(Information shown Opens)
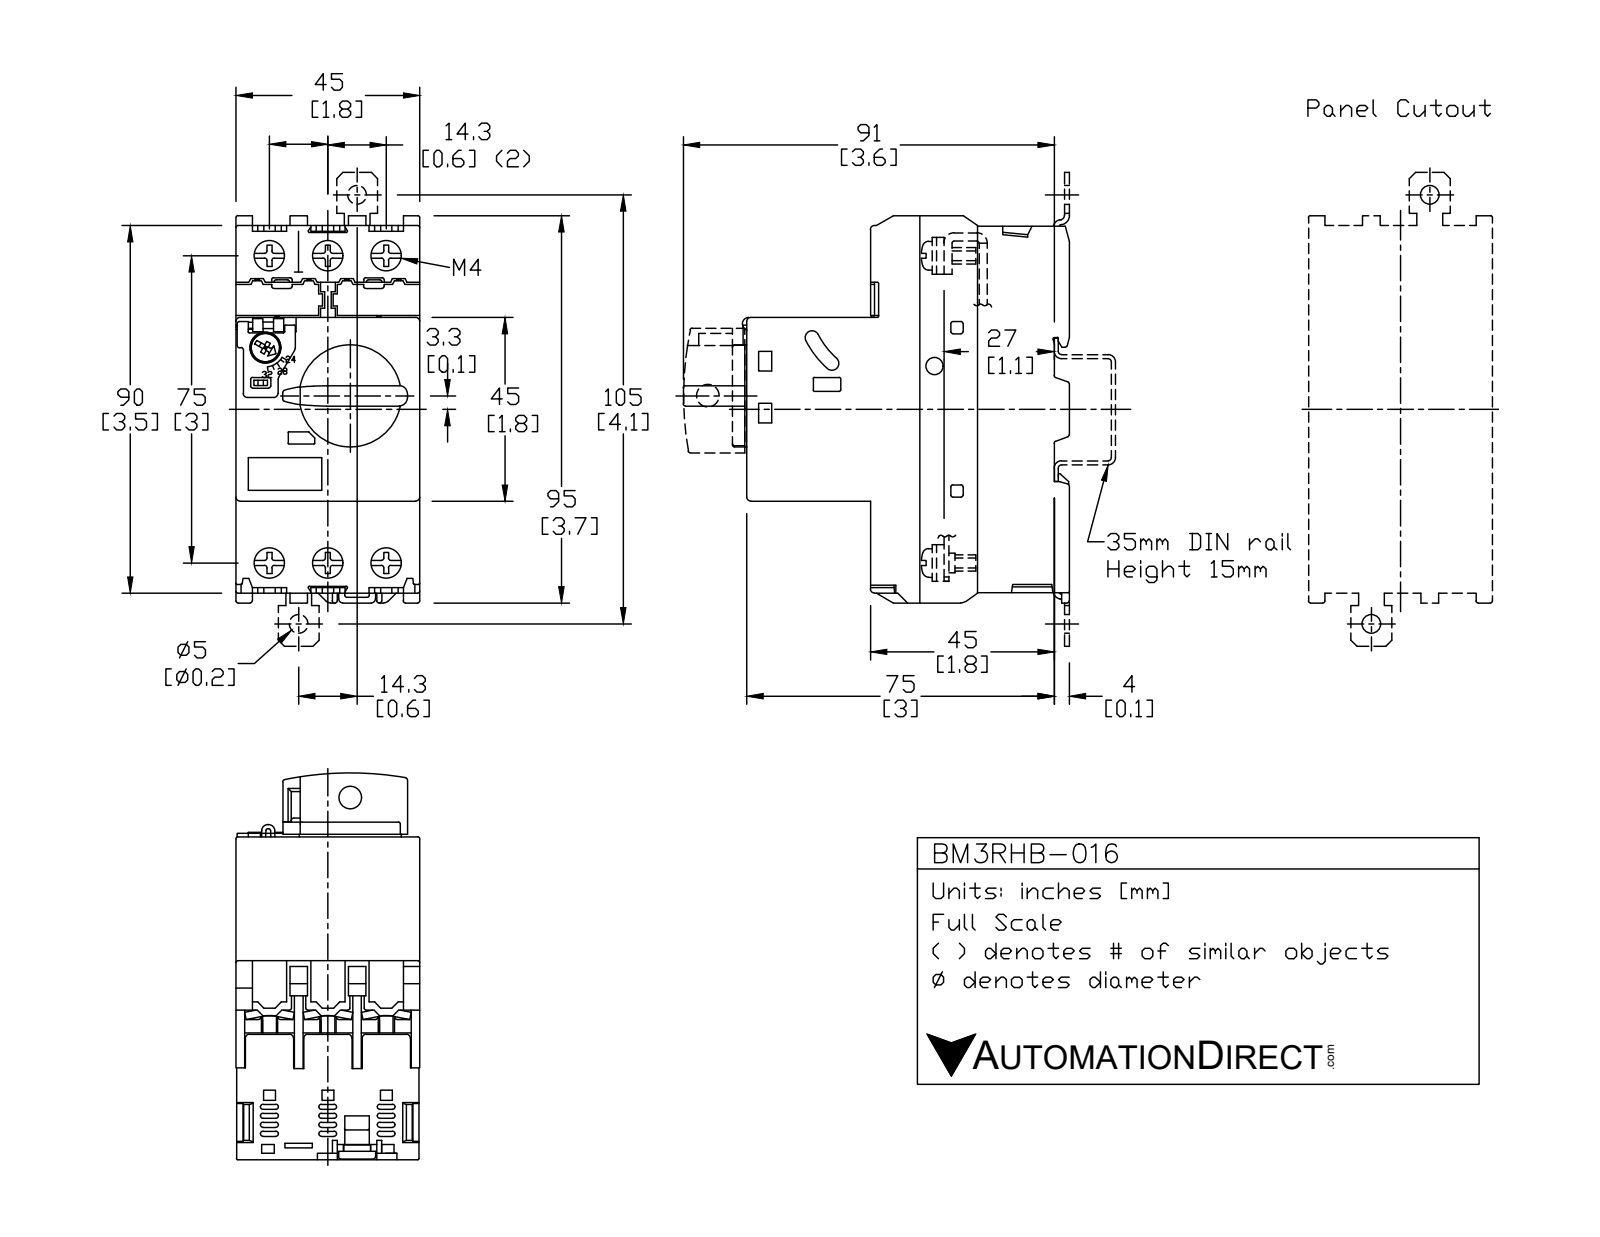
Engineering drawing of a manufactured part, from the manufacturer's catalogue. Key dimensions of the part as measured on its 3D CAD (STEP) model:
Part name (STEP PRODUCT): BM3RHB-016
STEP written by: SolidWorks 2018 (AUTOMOTIVE_DESIGN)
Units: inches
Bodies: 25 solids, 1294 faces (964 planar, 327 cylindrical, 3 other)
Overall size (bounding box): 3.732 × 3.72 × 1.772
Volume: 14.13 in³ · Surface area: 88.41 in²
Round holes (diameter × count): ⌀0.157 ×6, ⌀0.291 ×6, ⌀0.063 ×1, ⌀0.165 ×1, ⌀0.197 ×1, ⌀0.217 ×1, ⌀0.295 ×1
Round bosses / shafts (diameter × count): ⌀0.236 ×6, ⌀0.984 ×1, ⌀0.276 ×1
Partial cylindrical surfaces — rounded edges, fillets, slot ends (radius × count): R0.02 ×67, R0.024 ×24, R0.079 ×14, R0.012 ×12, R0.039 ×8, R0.098 ×8, R0.008 ×6, R0.059 ×2
Main face-to-face distances: 1.772, 1.441, 1.669, 3.11, 0.882, 2.654, 0.118, 0.65, 0.791, 0.472
Hole centre spacings: 0.563, 3.006, 2.953, 1.126, 3.16, 0.883, 0.941, 1.068
(Information shown Closes)
*Instructions for the task:*
Output all of the data word for word, excluding any pictures.

*Written solution:*
Engineering drawing of a manufactured part, from the manufacturer's catalogue. Key dimensions of the part as measured on its 3D CAD (STEP) model:
Part name (STEP PRODUCT): BM3RHB-016
STEP written by: SolidWorks 2018 (AUTOMOTIVE_DESIGN)
Units: inches
Bodies: 25 solids, 1294 faces (964 planar, 327 cylindrical, 3 other)
Overall size (bounding box): 3.732 × 3.72 × 1.772
Volume: 14.13 in³ · Surface area: 88.41 in²
Round holes (diameter × count): ⌀0.157 ×6, ⌀0.291 ×6, ⌀0.063 ×1, ⌀0.165 ×1, ⌀0.197 ×1, ⌀0.217 ×1, ⌀0.295 ×1
Round bosses / shafts (diameter × count): ⌀0.236 ×6, ⌀0.984 ×1, ⌀0.276 ×1
Partial cylindrical surfaces — rounded edges, fillets, slot ends (radius × count): R0.02 ×67, R0.024 ×24, R0.079 ×14, R0.012 ×12, R0.039 ×8, R0.098 ×8, R0.008 ×6, R0.059 ×2
Main face-to-face distances: 1.772, 1.441, 1.669, 3.11, 0.882, 2.654, 0.118, 0.65, 0.791, 0.472
Hole centre spacings: 0.563, 3.006, 2.953, 1.126, 3.16, 0.883, 0.941, 1.068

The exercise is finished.